RAW DATA:
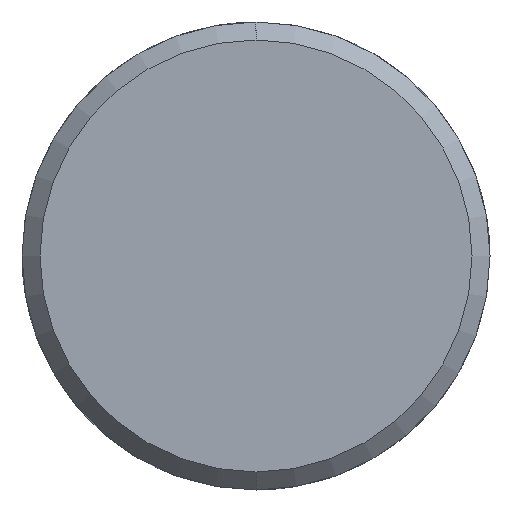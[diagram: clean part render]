
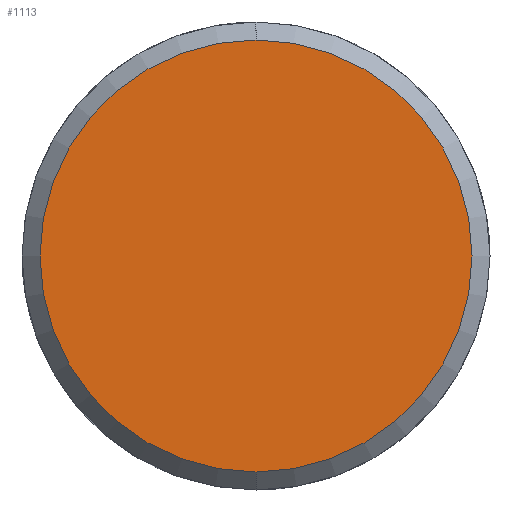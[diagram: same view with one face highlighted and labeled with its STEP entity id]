
A CAD part, left-side view. The second image highlights one B-rep face of the part: STEP entity #1113.
In plain terms, the highlighted planar face has unit normal (-1, 0, 0).
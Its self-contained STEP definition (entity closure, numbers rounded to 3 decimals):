
#1045=CARTESIAN_POINT('Vertex',(-5.,0.,-12.)) ;
#1048=CARTESIAN_POINT('Axis2P3D Location',(-5.,0.,0.)) ;
#1052=CARTESIAN_POINT('Vertex',(-5.,12.,0.)) ;
#1055=CARTESIAN_POINT('Axis2P3D Location',(-5.,0.,0.)) ;
#1059=CARTESIAN_POINT('Vertex',(-5.,0.,12.)) ;
#1081=CARTESIAN_POINT('Axis2P3D Location',(-5.,0.,0.)) ;
#1085=CARTESIAN_POINT('Vertex',(-5.,-12.,0.)) ;
#1088=CARTESIAN_POINT('Axis2P3D Location',(-5.,0.,0.)) ;
#1102=CARTESIAN_POINT('Axis2P3D Location',(-5.,0.,0.)) ;
#1049=DIRECTION('Axis2P3D Direction',(1.,0.,-0.)) ;
#1056=DIRECTION('Axis2P3D Direction',(1.,0.,-0.)) ;
#1082=DIRECTION('Axis2P3D Direction',(1.,0.,-0.)) ;
#1089=DIRECTION('Axis2P3D Direction',(1.,0.,-0.)) ;
#1103=DIRECTION('Axis2P3D Direction',(1.,0.,-0.)) ;
#1104=DIRECTION('Axis2P3D XDirection',(-0.,0.,-1.)) ;
#1050=AXIS2_PLACEMENT_3D('Circle Axis2P3D',#1048,#1049,$) ;
#1057=AXIS2_PLACEMENT_3D('Circle Axis2P3D',#1055,#1056,$) ;
#1083=AXIS2_PLACEMENT_3D('Circle Axis2P3D',#1081,#1082,$) ;
#1090=AXIS2_PLACEMENT_3D('Circle Axis2P3D',#1088,#1089,$) ;
#1105=AXIS2_PLACEMENT_3D('Plane Axis2P3D',#1102,#1103,#1104) ;
#1108=ORIENTED_EDGE('',*,*,#1054,.F.) ;
#1109=ORIENTED_EDGE('',*,*,#1092,.F.) ;
#1110=ORIENTED_EDGE('',*,*,#1087,.F.) ;
#1111=ORIENTED_EDGE('',*,*,#1061,.F.) ;
#1113=ADVANCED_FACE('351-16X46X100',(#1112),#1106,.F.) ;
#1051=CIRCLE('generated circle',#1050,12.) ;
#1058=CIRCLE('generated circle',#1057,12.) ;
#1084=CIRCLE('generated circle',#1083,12.) ;
#1091=CIRCLE('generated circle',#1090,12.) ;
#1054=EDGE_CURVE('',#1046,#1053,#1051,.T.) ;
#1061=EDGE_CURVE('',#1053,#1060,#1058,.T.) ;
#1087=EDGE_CURVE('',#1060,#1086,#1084,.T.) ;
#1092=EDGE_CURVE('',#1086,#1046,#1091,.T.) ;
#1107=EDGE_LOOP('',(#1108,#1109,#1110,#1111)) ;
#1112=FACE_OUTER_BOUND('',#1107,.T.) ;
#1106=PLANE('Plane',#1105) ;
#1046=VERTEX_POINT('',#1045) ;
#1053=VERTEX_POINT('',#1052) ;
#1060=VERTEX_POINT('',#1059) ;
#1086=VERTEX_POINT('',#1085) ;

INSTRUCTIONS FOR THE TASK: Output the full listing verbatim, but drop the images.

OUTPUT OF THE EXERCISE:
[diagram: clean part render]
[diagram: same view with one face highlighted and labeled with its STEP entity id]
A CAD part, left-side view. The second image highlights one B-rep face of the part: STEP entity #1113.
In plain terms, the highlighted planar face has unit normal (-1, 0, 0).
Its self-contained STEP definition (entity closure, numbers rounded to 3 decimals):
#1045=CARTESIAN_POINT('Vertex',(-5.,0.,-12.)) ;
#1048=CARTESIAN_POINT('Axis2P3D Location',(-5.,0.,0.)) ;
#1052=CARTESIAN_POINT('Vertex',(-5.,12.,0.)) ;
#1055=CARTESIAN_POINT('Axis2P3D Location',(-5.,0.,0.)) ;
#1059=CARTESIAN_POINT('Vertex',(-5.,0.,12.)) ;
#1081=CARTESIAN_POINT('Axis2P3D Location',(-5.,0.,0.)) ;
#1085=CARTESIAN_POINT('Vertex',(-5.,-12.,0.)) ;
#1088=CARTESIAN_POINT('Axis2P3D Location',(-5.,0.,0.)) ;
#1102=CARTESIAN_POINT('Axis2P3D Location',(-5.,0.,0.)) ;
#1049=DIRECTION('Axis2P3D Direction',(1.,0.,-0.)) ;
#1056=DIRECTION('Axis2P3D Direction',(1.,0.,-0.)) ;
#1082=DIRECTION('Axis2P3D Direction',(1.,0.,-0.)) ;
#1089=DIRECTION('Axis2P3D Direction',(1.,0.,-0.)) ;
#1103=DIRECTION('Axis2P3D Direction',(1.,0.,-0.)) ;
#1104=DIRECTION('Axis2P3D XDirection',(-0.,0.,-1.)) ;
#1050=AXIS2_PLACEMENT_3D('Circle Axis2P3D',#1048,#1049,$) ;
#1057=AXIS2_PLACEMENT_3D('Circle Axis2P3D',#1055,#1056,$) ;
#1083=AXIS2_PLACEMENT_3D('Circle Axis2P3D',#1081,#1082,$) ;
#1090=AXIS2_PLACEMENT_3D('Circle Axis2P3D',#1088,#1089,$) ;
#1105=AXIS2_PLACEMENT_3D('Plane Axis2P3D',#1102,#1103,#1104) ;
#1108=ORIENTED_EDGE('',*,*,#1054,.F.) ;
#1109=ORIENTED_EDGE('',*,*,#1092,.F.) ;
#1110=ORIENTED_EDGE('',*,*,#1087,.F.) ;
#1111=ORIENTED_EDGE('',*,*,#1061,.F.) ;
#1113=ADVANCED_FACE('351-16X46X100',(#1112),#1106,.F.) ;
#1051=CIRCLE('generated circle',#1050,12.) ;
#1058=CIRCLE('generated circle',#1057,12.) ;
#1084=CIRCLE('generated circle',#1083,12.) ;
#1091=CIRCLE('generated circle',#1090,12.) ;
#1054=EDGE_CURVE('',#1046,#1053,#1051,.T.) ;
#1061=EDGE_CURVE('',#1053,#1060,#1058,.T.) ;
#1087=EDGE_CURVE('',#1060,#1086,#1084,.T.) ;
#1092=EDGE_CURVE('',#1086,#1046,#1091,.T.) ;
#1107=EDGE_LOOP('',(#1108,#1109,#1110,#1111)) ;
#1112=FACE_OUTER_BOUND('',#1107,.T.) ;
#1106=PLANE('Plane',#1105) ;
#1046=VERTEX_POINT('',#1045) ;
#1053=VERTEX_POINT('',#1052) ;
#1060=VERTEX_POINT('',#1059) ;
#1086=VERTEX_POINT('',#1085) ;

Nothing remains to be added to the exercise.